Omit all pictures. Print the remaining lines exactly, from the start of the data through the line containing "(757323.5, 8951149.2), dxfattribs=at)".
** DATA PROVIDED follows **
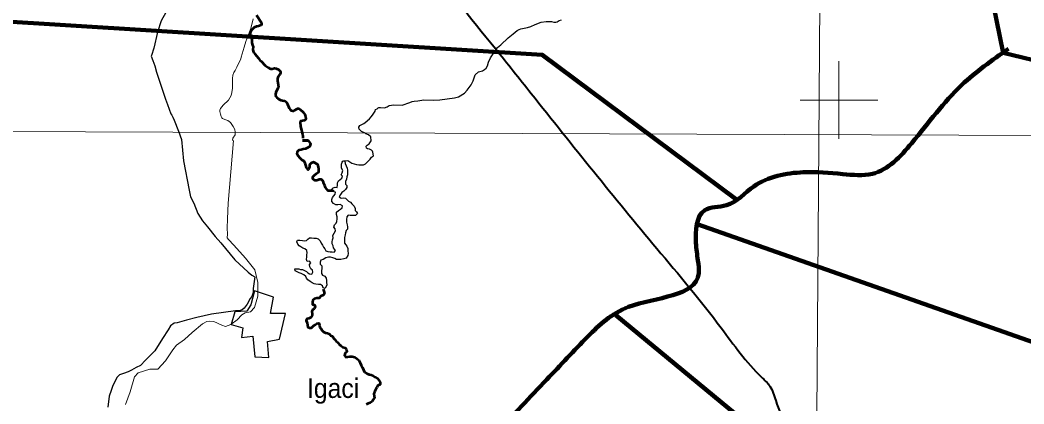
# Model space of a CAD drawing. Extents: x 553962 to 842807, y 8883888 to 9032388.
# Drawn here: x 753949 to 779754, y 8942188 to 8952056 of the extents above; entities that cross this region are included whole.
import ezdxf

# ---------------------------------------------------------------- set-up
doc = ezdxf.new("R2010")
doc.units = 0
doc.header["$LTSCALE"] = 150
for name, color, linetype, lineweight in [('1', 7, 'Continuous', 13), ('12', 7, 'Continuous', 25), ('14', 7, 'Continuous', 13), ('2', 7, 'Continuous', 13), ('21', 7, 'Continuous', 25), ('24', 7, 'Continuous', 25), ('9', 7, 'Continuous', 90)]:
    doc.layers.add(name, color=color, linetype=linetype, lineweight=lineweight)
doc.layers.add('41', color=7, linetype='Continuous')

msp = doc.modelspace()

# ---------------------------------------------------------------- linework, layer by layer
at = {"layer": '1'}
msp.add_line((565315.3, 8949866.8), (791497.7, 8949052.2), dxfattribs=at)
msp.add_lwpolyline([(774987.1, 9020818), (774482.3, 8948876), (774053.6, 8890875.3)], dxfattribs=at)
at = {"layer": '12'}
msp.add_line((757384.6, 8951334.8), (757323.5, 8951149.2), dxfattribs=at)
for points in [[(758132.7, 8953038), (757580.3, 8952039.8), (757484.9, 8951743.2), (757384.6, 8951334.8)], [(757323.5, 8951149.2), (757320.3, 8951125.5), (757364.2, 8951016.5), (757410.7, 8950881), (757454.7, 8950719.9), (757502.3, 8950586.3), (757524.8, 8950509.5), (757666, 8950096.7), (757688, 8950021.8), (757738.6, 8949883.5)], [(757738.6, 8949883.5), (757825.6, 8949645.7), (757854.2, 8949615), (757875.3, 8949559.4), (757912.7, 8949482.2), (758025.8, 8949198.1), (758100.6, 8948982.2)], [(758100.6, 8948982.2), (758153.1, 8948438), (758293, 8947683.8), (758328, 8947515.6), (758414, 8947347.3), (758520, 8947087.3), (758641.6, 8946898.6), (758763.3, 8946740.5), (758961.1, 8946495.6), (759108.2, 8946327.2), (759473.4, 8945893.6), (759814, 8945575.9), (759907.3, 8945497.2), (759983.7, 8945452)], [(759983.7, 8945452), (759944.5, 8945159.2), (759944.1, 8945052.2), (759908, 8944950.4), (759862, 8944894.4), (759785, 8944751.9), (759708.2, 8944650.2), (759662.2, 8944609.5), (759602.9, 8944588), (759488.4, 8944585.1)], [(759488.4, 8944585.1), (758867.1, 8944498.9), (758489.8, 8944407.9), (758229.7, 8944337.1), (757985, 8944276.4), (757913.6, 8944261.2), (757816.6, 8944195.2), (757760.2, 8944093.4), (757611.6, 8943869.5), (757411.8, 8943554.1), (757314.6, 8943447.3), (757171.4, 8943310), (757048.7, 8943172.7), (756936.4, 8943121.9), (756813.9, 8943055.9), (756729.6, 8943015), (756604.7, 8942969.7), (756502.7, 8942934.3), (756446.4, 8942878.3), (756333.6, 8942659.5), (756287.3, 8942537.3), (756240.8, 8942384.6), (756209.2, 8942104.5)]]:
    msp.add_lwpolyline(points, dxfattribs=at)
at = {"layer": '12', "lineweight": 40}
msp.add_spline([(761549.2, 8957020.4), (762383.1, 8955993.9), (763257, 8954902.9), (764214.4, 8953717.3), (766168.2, 8951324.4), (767086.6, 8950171.6), (770317.8, 8946184.2), (771971, 8944146), (773006.3, 8942876.2), (773223.4, 8942642.3), (773373.7, 8942274.8), (774008.3, 8940921.5), (774359, 8940136.3), (774475.8, 8939919.1), (774642.8, 8939785.5), (774893.3, 8939668.5), (775511.2, 8939484.7), (775928.6, 8939267.5), (776078.9, 8939184), (776379.5, 8938916.7), (776680.1, 8938749.6), (776830.4, 8938582.6), (777398.1, 8938348.7), (777899.1, 8938231.7), (778550.4, 8938482.3), (779134.8, 8938866.6), (779452.1, 8939250.8), (779569, 8939384.5), (779685.9, 8939351.1), (779852.9, 8939217.4), (780086.7, 8939217.4), (780604.3, 8939451.3), (781055.2, 8939618.4), (781439.3, 8939618.4), (781823.3, 8939518.1), (782090.5, 8939401.2), (782290.9, 8939367.8), (782524.7, 8939518.1), (782858.7, 8939618.4), (783192.6, 8939651.8), (783509.9, 8939818.9), (783910.7, 8940119.6), (784278.1, 8940336.8), (784625.2, 8940434.5)], degree=3, dxfattribs=at)
at = {"layer": '14'}
for points in [[(759939.3, 8952091.6), (759880.8, 8951841.8), (759807.5, 8951640.4), (759753.1, 8951507.3), (759709.3, 8951360.8)], [(759709.3, 8951360.8), (759632, 8951102.5), (759624.2, 8951061.5), (759522.6, 8950843.3), (759474.2, 8950762.9), (759445.5, 8950706.2), (759419.9, 8950637.9), (759411.1, 8950557.2), (759411.4, 8950380.3), (759406.8, 8950307.6), (759392.1, 8950195), (759374.3, 8950118.4), (759344.4, 8950054), (759304, 8949993.2), (759170.9, 8949865.1), (759105.4, 8949780.7), (759086.2, 8949743.5), (759087.4, 8949705.1), (759098.4, 8949641.2), (759121.3, 8949577.4), (759137.2, 8949545.1), (759155.9, 8949527), (759216.2, 8949497.1), (759288.5, 8949470.6), (759360.2, 8949422), (759430.6, 8949317.8), (759467.5, 8949241.1), (759477.5, 8949172.3), (759475.1, 8949104), (759414.6, 8949021.4), (759409.5, 8948961.3)], [(756657.8, 8942175), (756781.3, 8942495.7), (756894.8, 8942882.6), (756981.8, 8942989.4), (757287.8, 8943085.7), (757486.4, 8943080.2), (757685.9, 8943293.8), (757875.4, 8943578.7), (757972.7, 8943700.8), (758177, 8943848.1), (758371.2, 8944026.1), (758642, 8944244.6), (758749.2, 8944310.6), (758825.7, 8944315.6), (758932.7, 8944310.3), (759136.1, 8944213.1), (759232.8, 8944182.4), (759365.4, 8944228), (759528.8, 8944349.9), (759646.5, 8944477.1), (759733.3, 8944533), (759876, 8944558.2), (759978.3, 8944665), (760060.9, 8944960.3), (760062.2, 8945306.7), (759981.9, 8945637.9), (759743.6, 8945938.9), (759444.2, 8946265.5), (759307.2, 8946418.6), (759276.8, 8946459.4), (759277.1, 8946556.2), (759272.6, 8946703.9), (759283.7, 8946948.4), (759300.4, 8947350.8), (759434.4, 8948959.2)]]:
    msp.add_lwpolyline(points, dxfattribs=at)
at = {"layer": '2'}
for p, q in [((775000, 8949000), (775000, 8951000)), ((774000, 8950000), (776000, 8950000))]:
    msp.add_line(p, q, dxfattribs=at)
at = {"layer": '21'}
msp.add_lwpolyline([(759971.8, 8945092.7), (759884.4, 8944737), (759777.9, 8944573.9), (759473.6, 8944557.9), (759374.4, 8944228.2), (759675.4, 8944141.8), (759642.3, 8943899.6), (759934.4, 8943928.7), (759980.7, 8943402.3), (760347, 8943377.8), (760309.6, 8943788.8), (760615.6, 8943855.9), (760776.1, 8944516.6), (760383.6, 8944516.3), (760460.4, 8944936.4)], close=True, dxfattribs=at)
at = {"layer": '24', "lineweight": 53}
for p, q in [((761210.9, 8948956.2), (761361.4, 8948961.1)), ((761361.4, 8948961.1), (761210.9, 8948956.2))]:
    msp.add_line(p, q, dxfattribs=at)
for points in [[(760028.2, 8952180.1), (760153.6, 8951982.2), (760158.8, 8951968.6), (760154.4, 8951934.5), (760142.6, 8951924.2), (760078.6, 8951897.8), (760029, 8951887.2), (759964.9, 8951861.7), (759906.3, 8951805.3), (759880.4, 8951769.2), (759863.6, 8951724.3), (759860.3, 8951690), (759879.4, 8951623.6), (759905.1, 8951565), (759908.9, 8951466.9), (759927.6, 8951412), (759938.9, 8951364.3), (759933.3, 8951303), (759936.8, 8951260.5), (759955, 8951224.7), (759979.8, 8951190.2), (760080.6, 8951077.7), (760114.7, 8951023.7), (760149.7, 8950995.8), (760252.8, 8950886), (760322.7, 8950833.4), (760366, 8950810.2), (760393.2, 8950802.8), (760433.7, 8950805.5), (760491.5, 8950816), (760531.6, 8950814.5), (760588.5, 8950783.7), (760628.4, 8950748.2), (760642.2, 8950730.7), (760646.4, 8950707.4), (760641.5, 8950688.1), (760625.4, 8950655), (760584.9, 8950602), (760566, 8950552.7), (760567.4, 8950502.1), (760585.6, 8950389.3), (760588.6, 8950335.2)], [(760588.6, 8950335.2), (760579.4, 8950302.6), (760526.2, 8950197.8), (760517.9, 8950150.9), (760518.6, 8950115), (760524.8, 8950096.2), (760560.2, 8950052.5), (760573.6, 8950045.6), (760600.4, 8950021.6), (760652.6, 8949994.7), (760735.2, 8949978.4), (760796.3, 8949944.7), (760827, 8949897.8), (760870.5, 8949794.4), (760894.4, 8949756.4), (760917.9, 8949733), (760957.7, 8949723.4), (760983.8, 8949723)], [(760983.8, 8949723), (761052.1, 8949768.5), (761052.1, 8949768.5), (761093.2, 8949782.5), (761118.7, 8949782.5), (761143, 8949765.5), (761222.5, 8949692), (761270.1, 8949631.4), (761287.7, 8949575), (761290.9, 8949523.6), (761283.1, 8949497.5), (761268.7, 8949478.8), (761253.4, 8949469.9), (761168.1, 8949460.9), (761157.1, 8949449.3), (761149.4, 8949429.2), (761159.4, 8949316.6), (761205.6, 8949123.6), (761214.3, 8949072.6), (761216.9, 8949017.9)], [(762015.2, 8947645), (761987.8, 8947662.2), (761936.9, 8947662.5), (761870.9, 8947668), (761835.5, 8947709), (761800.2, 8947750), (761780.2, 8947801), (761760.3, 8947857.2), (761740.3, 8947913.3), (761694.9, 8947959.5), (761638.9, 8947954.7), (761577.7, 8947934.7), (761526.9, 8947935), (761476.3, 8947971), (761476.6, 8948027), (761517.6, 8948072.6), (761568.7, 8948107.9), (761625, 8948158.5), (761625.5, 8948219.6), (761620.8, 8948285.9), (761600.9, 8948342), (761489.4, 8948398.8), (761433.3, 8948378.7), (761387.2, 8948338.3), (761386.8, 8948277.2), (761350.7, 8948206.1), (761310.4, 8948262.3), (761295.6, 8948328.7), (761280.7, 8948379.7), (761255.6, 8948425.7), (761204.9, 8948451.5), (761149.3, 8948502.7), (761098.9, 8948564.2), (761068.7, 8948610.2), (761084.4, 8948676.3), (761120.3, 8948716.8), (761176.3, 8948726.7), (761227.3, 8948741.7), (761298.6, 8948756.5), (761359.8, 8948791.8), (761405.8, 8948816.9), (761421.4, 8948872.9), (761391.3, 8948924), (761361.4, 8948961.1)], [(761737.3, 8945134.7), (761755.2, 8945087.5), (761775.2, 8945026.3), (761739.2, 8944980.7), (761683.1, 8944955.6), (761637, 8944910), (761576, 8944905.3), (761514.8, 8944890.4), (761479, 8944855), (761468.4, 8944799), (761468, 8944743), (761518.8, 8944732.5), (761533.7, 8944681.5), (761513.1, 8944635.7), (761467.1, 8944610.6), (761451.5, 8944559.7), (761461.3, 8944508.7), (761455.9, 8944457.8), (761425, 8944407.1), (761374, 8944381.9), (761323.1, 8944377.2), (761302.4, 8944331.5), (761327.5, 8944275.3), (761337.3, 8944219.2), (761347.1, 8944163.1), (761392.7, 8944142.4), (761443.6, 8944147.2), (761489.7, 8944192.7), (761535.7, 8944223), (761576.6, 8944258.4), (761632.6, 8944263.1), (761642.4, 8944212.1), (761657.3, 8944156), (761687.5, 8944115.1), (761717.7, 8944074.1), (761753.1, 8944038.2), (761798.7, 8944017.6), (761849.5, 8944007), (761895.2, 8943986.4), (761930.5, 8943950.5), (761981.2, 8943929.8), (762001.3, 8943883.8), (762036.6, 8943842.8), (762071.9, 8943801.9), (762117.5, 8943771), (762157.7, 8943709.6), (762203.3, 8943678.8), (762243.7, 8943642.8), (762304.7, 8943627.2), (762340, 8943586.2), (762349.8, 8943530.1), (762308.8, 8943494.7), (762293.1, 8943428.6), (762323.4, 8943387.7), (762374.3, 8943397.5), (762425.2, 8943407.4), (762486.2, 8943407), (762552.2, 8943386.2), (762613, 8943350.1), (762653.4, 8943309.1), (762693.7, 8943242.6), (762713.6, 8943181.4), (762748.8, 8943125.1), (762773.8, 8943063.8), (762803.9, 8943007.6)], [(762803.9, 8943007.6), (762864.7, 8942966.5), (762920.5, 8942940.7), (762971.3, 8942935.2), (763016.9, 8942914.6), (763077.7, 8942878.5), (763133.4, 8942842.5), (763173.8, 8942801.5), (763203.9, 8942745.3), (763203.5, 8942684.1), (763147.4, 8942659), (763116.6, 8942613.4), (763095.9, 8942567.7), (763070.1, 8942511.8), (763044.2, 8942445.8), (763054, 8942394.8), (763058.8, 8942343.8), (763022.9, 8942303.3), (763002.2, 8942247.4), (762946, 8942217.2), (762900.1, 8942197.1), (762849.1, 8942177)]]:
    msp.add_lwpolyline(points, dxfattribs=at)
at = {"layer": '24'}
for points in [[(760028.2, 8952180.1), (760153.6, 8951982.2), (760158.8, 8951968.6), (760154.4, 8951934.5), (760142.6, 8951924.2), (760078.6, 8951897.8), (760029, 8951887.2), (759964.9, 8951861.7), (759906.3, 8951805.3), (759880.4, 8951769.2), (759863.6, 8951724.3), (759860.3, 8951690), (759879.4, 8951623.6), (759905.1, 8951565), (759908.9, 8951466.9), (759927.6, 8951412), (759938.9, 8951364.3), (759933.3, 8951303), (759936.8, 8951260.5), (759955, 8951224.7), (759979.8, 8951190.2), (760080.6, 8951077.7), (760114.7, 8951023.7), (760149.7, 8950995.8), (760252.8, 8950886), (760322.7, 8950833.4), (760366, 8950810.2), (760393.2, 8950802.8), (760433.7, 8950805.5), (760491.5, 8950816), (760531.6, 8950814.5), (760588.5, 8950783.7), (760628.4, 8950748.2), (760642.2, 8950730.7), (760646.4, 8950707.4), (760641.5, 8950688.1), (760625.4, 8950655), (760584.9, 8950602), (760566, 8950552.7), (760567.4, 8950502.1), (760585.6, 8950389.3), (760588.6, 8950335.2)], [(762654.7, 8949294.5), (762656.7, 8949306.8), (762679.1, 8949343.6), (762788.7, 8949399.1), (762821.1, 8949420.1), (762935.3, 8949520.6), (762977.1, 8949566.6), (763011.1, 8949614.1), (763074.6, 8949715.9), (763089.4, 8949752.7), (763125.9, 8949775.5), (763156, 8949801.1), (763169.3, 8949805.2), (763212.9, 8949808.1), (763314.7, 8949796.1), (763389.4, 8949825.8), (763440.7, 8949858.6), (763555.2, 8949879.5), (763767.2, 8949868.9), (763967.1, 8949936), (764029.1, 8949960.5), (764080.2, 8949974.5), (764174.7, 8949982.8), (764331.6, 8950003.9), (764575.5, 8950000), (764735.9, 8950008.2), (765114.3, 8950055), (765220.7, 8950084.3), (765370.3, 8950178.2), (765443.7, 8950253.3), (765542.9, 8950393), (765598.6, 8950494.9), (765646.8, 8950651.1), (765735.2, 8950727.6), (765832.8, 8950754), (765891.8, 8950782.4), (765926.9, 8950823), (765961.1, 8950880.3), (765989.9, 8950971.4), (766040.9, 8951087.5), (766108.1, 8951189.6), (766159.2, 8951254.6), (766195.3, 8951316.5), (766224.6, 8951348.1), (766309.2, 8951420.9), (766494.8, 8951595.8), (766626.9, 8951699.9), (766678.8, 8951749.2), (766729.6, 8951787.4), (766780.6, 8951816.9), (766824.2, 8951832), (766991.9, 8951866.2), (767075.7, 8951890.5), (767194, 8951942.7), (767344.8, 8951998.9), (767476.1, 8952017.3), (767610.5, 8952017.2), (767669.1, 8952003.5), (767722.7, 8952005.2), (767758.5, 8952013.4), (767805.8, 8952043.2), (767869.4, 8952058.6)], [(760588.6, 8950335.2), (760579.4, 8950302.6), (760526.2, 8950197.8), (760517.9, 8950150.9), (760518.6, 8950115), (760524.8, 8950096.2), (760560.2, 8950052.5), (760573.6, 8950045.6), (760600.4, 8950021.6), (760652.6, 8949994.7), (760735.2, 8949978.4), (760796.3, 8949944.7), (760827, 8949897.8), (760870.5, 8949794.4), (760894.4, 8949756.4), (760917.9, 8949733), (760957.7, 8949723.4), (760983.8, 8949723)], [(760983.8, 8949723), (761052.1, 8949768.5), (761052.1, 8949768.5), (761093.2, 8949782.5), (761118.7, 8949782.5), (761143, 8949765.5), (761222.5, 8949692), (761270.1, 8949631.4), (761287.7, 8949575), (761290.9, 8949523.6), (761283.1, 8949497.5), (761268.7, 8949478.8), (761253.4, 8949469.9), (761168.1, 8949460.9), (761157.1, 8949449.3), (761149.4, 8949429.2), (761159.4, 8949316.6), (761205.6, 8949123.6), (761214.3, 8949072.6), (761216.9, 8949017.9)], [(762975.5, 8948950.6), (762963.4, 8949056), (762906, 8949108.6), (762836.6, 8949131.3), (762820.1, 8949147.2), (762725, 8949191.5), (762705.8, 8949206.6), (762661.7, 8949253.3), (762654.7, 8949294.5)], [(763037.7, 8948563.4), (763016, 8948657.7), (763008.9, 8948685.8), (762983.9, 8948709.2), (762933.4, 8948733.1), (762882.7, 8948741.6), (762855.1, 8948762.5), (762848.4, 8948813.6), (762871.8, 8948838.7), (762897.5, 8948853.6), (762923.3, 8948873.5), (762959.9, 8948923.9), (762975.6, 8948949.1), (762975.5, 8948950.6)], [(762274.4, 8948440.9), (762371.2, 8948443.4), (762477.5, 8948379.6), (762533.3, 8948364), (762599.3, 8948343.2), (762655.2, 8948337.7), (762711.2, 8948337.4), (762777.3, 8948337), (762828.3, 8948357), (762869.3, 8948402.6), (762910.2, 8948443.1), (762951.2, 8948483.6), (762987.1, 8948534.3), (763037.7, 8948563.4)], [(762294.6, 8948431.6), (762309.4, 8948370.4), (762329.3, 8948309.2), (762354.4, 8948253), (762369.3, 8948196.8), (762368.9, 8948145.9), (762368.5, 8948079.7), (762352.8, 8948023.8), (762342.2, 8947967.8), (762311.3, 8947901.8), (762310.9, 8947840.7), (762351.3, 8947804.7), (762350.9, 8947748.7), (762315, 8947703.1), (762274, 8947657.5), (762222.9, 8947622.2), (762186.9, 8947571.5), (762156, 8947510.5), (762201.5, 8947474.6), (762252.5, 8947489.6), (762313.4, 8947473.9), (762353.8, 8947432.9), (762394.3, 8947396.9), (762439.9, 8947376.3), (762480.3, 8947330.2), (762535.8, 8947273.8), (762565.9, 8947212.5), (762560.5, 8947156.5), (762600.9, 8947125.7), (762621, 8947079.7), (762569.8, 8947034.2), (762508.7, 8947029.5), (762437.6, 8947035), (762381.7, 8947040.5), (762350.9, 8946999.9), (762340.2, 8946928.7), (762339.7, 8946862.4), (762354.5, 8946796.1), (762364.3, 8946740), (762369, 8946678.9), (762328.1, 8946648.6), (762312.4, 8946587.6), (762307, 8946536.7), (762286.2, 8946470.6), (762285.7, 8946394.2), (762285.2, 8946322.8), (762320.5, 8946281.9), (762350.7, 8946240.9), (762375.7, 8946179.6), (762375.3, 8946123.6), (762380, 8946057.4), (762374.5, 8946001.4), (762328.3, 8945935.4), (762272.2, 8945915.4), (762195.8, 8945900.6), (762134.8, 8945901), (762083.9, 8945901.3), (762038.3, 8945927.1), (761992.7, 8945947.8), (761931.8, 8945963.4), (761875.8, 8945958.7), (761809.6, 8945943.9), (761738.1, 8945903.6), (761682, 8945883.6), (761666.4, 8945832.7), (761666, 8945776.7), (761706.4, 8945740.8), (761694.9, 8945542.2), (761725.1, 8945501.2), (761781.5, 8945468.3), (761814.4, 8945424.2), (761825.4, 8945358.2), (761825.4, 8945314.1), (761836.4, 8945237.1), (761803.4, 8945182), (761788.9, 8945159.5), (761738.1, 8945175.1), (761723.2, 8945226.2), (761672.6, 8945257.1), (761621.7, 8945257.4), (761555.6, 8945262.9), (761504.9, 8945278.5), (761459.3, 8945304.3), (761403.6, 8945335.2), (761347.9, 8945376.3), (761312.6, 8945417.3), (761292.5, 8945463.3), (761247.1, 8945509.4), (761176.1, 8945540.4), (761125.4, 8945561.1), (761069.6, 8945586.9), (761024, 8945607.6), (761009.1, 8945658.6), (761059.9, 8945658.3), (761110.8, 8945658), (761161.6, 8945647.5), (761212.4, 8945642.1), (761263.1, 8945621.4), (761308.7, 8945595.6), (761344.1, 8945559.7), (761389.6, 8945528.9)], [(761389.6, 8945528.9), (761450.6, 8945523.4), (761471.3, 8945579.3), (761466.6, 8945630.2), (761426.1, 8945661.1), (761401.1, 8945712.2), (761391.3, 8945768.3), (761422.1, 8945819), (761391.9, 8945859.9), (761330.8, 8945850.2), (761315.9, 8945901.2), (761316.3, 8945967.4), (761321.8, 8946018.3), (761332.3, 8946074.3), (761317.5, 8946135.5), (761272, 8946171.4), (761221.3, 8946192.1), (761165.5, 8946223.1), (761125, 8946253.9), (761089.7, 8946294.9), (761059.6, 8946351.1), (761080.2, 8946396.8), (761141.3, 8946396.4), (761207.4, 8946390.9), (761263.2, 8946380.3), (761314.1, 8946385.1), (761350, 8946420.5), (761385.8, 8946456), (761441.8, 8946455.6), (761497.7, 8946450.2), (761558.7, 8946449.8), (761609.4, 8946429.1), (761659.9, 8946377.8), (761690.1, 8946321.6), (761725.3, 8946270.4), (761750.4, 8946214.2), (761785.7, 8946173.2), (761805.7, 8946122.2), (761856.4, 8946106.6), (761917.4, 8946101.1), (761968.3, 8946100.8), (762019.1, 8946090.2), (762055, 8946135.8), (762009.7, 8946197.3), (761994.7, 8946248.3), (761974.8, 8946299.4), (761970.1, 8946355.4), (761980.6, 8946406.3), (761996.2, 8946457.1), (761991.5, 8946518.3), (762022.4, 8946574.1), (762053.3, 8946635.1), (762048.6, 8946686), (762013.3, 8946732.1), (762029, 8946793.1), (762075.1, 8946833.6), (762095.7, 8946879.3), (762096.2, 8946945.5), (762096.5, 8946996.4), (762086.8, 8947057.6), (762082.1, 8947113.7), (762138.3, 8947159.2), (762189.4, 8947194.5), (762225.3, 8947229.9), (762235.8, 8947280.8), (762175, 8947311.8), (762119, 8947307), (762068.1, 8947302.3), (762007.3, 8947338.3), (761967, 8947389.5), (761967.3, 8947440.4), (761977.9, 8947491.3), (762013.8, 8947536.9), (762049.7, 8947577.4), (762060.2, 8947633.4), (761999.3, 8947649.1), (761964.1, 8947705.3), (761994.9, 8947745.9), (762045.8, 8947760.8), (762096.7, 8947755.4), (762107.2, 8947816.5), (762107.6, 8947872.5), (762133.4, 8947923.3), (762174.3, 8947958.7), (762220.3, 8947989), (762235.9, 8948039.8), (762205.7, 8948080.7), (762231.5, 8948131.5), (762247.1, 8948187.4), (762212, 8948248.8), (762212.3, 8948299.7), (762212.7, 8948350.7), (762226.4, 8948402.4), (762246.6, 8948432.3), (762274.4, 8948440.9), (762294.6, 8948431.6)]]:
    msp.add_lwpolyline(points, dxfattribs=at)
at = {"layer": '9'}
for p, q in [((779222.2, 8951211.2), (787995, 8949076.7)), ((782526.1, 8942878.5), (771355.2, 8946811.1))]:
    msp.add_line(p, q, dxfattribs=at)
for points in [[(779222.2, 8951211.2), (778550.6, 8954494.6), (777527.6, 8956664.6), (776378.1, 8958732.8), (766764.9, 8967647.5)], [(750519.5, 8951321.2), (753181.6, 8952045.1), (767371, 8951165.8), (772338.7, 8947456.5)], [(769262.3, 8944467.1), (774822.1, 8939873.5), (781306.6, 8936216.9)]]:
    msp.add_lwpolyline(points, dxfattribs=at)
msp.add_spline([(779358.3, 8951316.5), (778152, 8950383.2), (776870.5, 8948893), (775858.2, 8948102.8), (775096.9, 8948098.3), (774081.6, 8948143.1), (772814, 8947781.5), (772105.2, 8947296.6), (771547.4, 8947166.9), (771322, 8946330.6), (771374.4, 8945875.5), (771395.1, 8945546.1), (769593.3, 8944681.6), (768541.6, 8943918.8), (767488.3, 8942812.2), (766189.2, 8941452.3), (765366.7, 8940769), (764084.5, 8940646.2), (763321.5, 8941097.2), (762890.2, 8941044.2), (762866.3, 8940639.2), (762461.9, 8940181.4), (761397.4, 8939821), (760940.2, 8939919.5), (760875, 8939930.2)], degree=3, dxfattribs=at)

# ---------------------------------------------------------------- texts
at = {"layer": '41', "width": 0.95}
msp.add_text('Igaci', height=500, dxfattribs=at).set_placement((761325, 8942341.6))

doc.saveas('drawing.dxf')
** End of DATA PROVIDED **
§ ANSWER SPACE:
# Model space of a CAD drawing. Extents: x 553962 to 842807, y 8883888 to 9032388.
# Drawn here: x 753949 to 779754, y 8942188 to 8952056 of the extents above; entities that cross this region are included whole.
import ezdxf

# ---------------------------------------------------------------- set-up
doc = ezdxf.new("R2010")
doc.units = 0
doc.header["$LTSCALE"] = 150
for name, color, linetype, lineweight in [('1', 7, 'Continuous', 13), ('12', 7, 'Continuous', 25), ('14', 7, 'Continuous', 13), ('2', 7, 'Continuous', 13), ('21', 7, 'Continuous', 25), ('24', 7, 'Continuous', 25), ('9', 7, 'Continuous', 90)]:
    doc.layers.add(name, color=color, linetype=linetype, lineweight=lineweight)
doc.layers.add('41', color=7, linetype='Continuous')

msp = doc.modelspace()

# ---------------------------------------------------------------- linework, layer by layer
at = {"layer": '1'}
msp.add_line((565315.3, 8949866.8), (791497.7, 8949052.2), dxfattribs=at)
msp.add_lwpolyline([(774987.1, 9020818), (774482.3, 8948876), (774053.6, 8890875.3)], dxfattribs=at)
at = {"layer": '12'}
msp.add_line((757384.6, 8951334.8), (757323.5, 8951149.2), dxfattribs=at)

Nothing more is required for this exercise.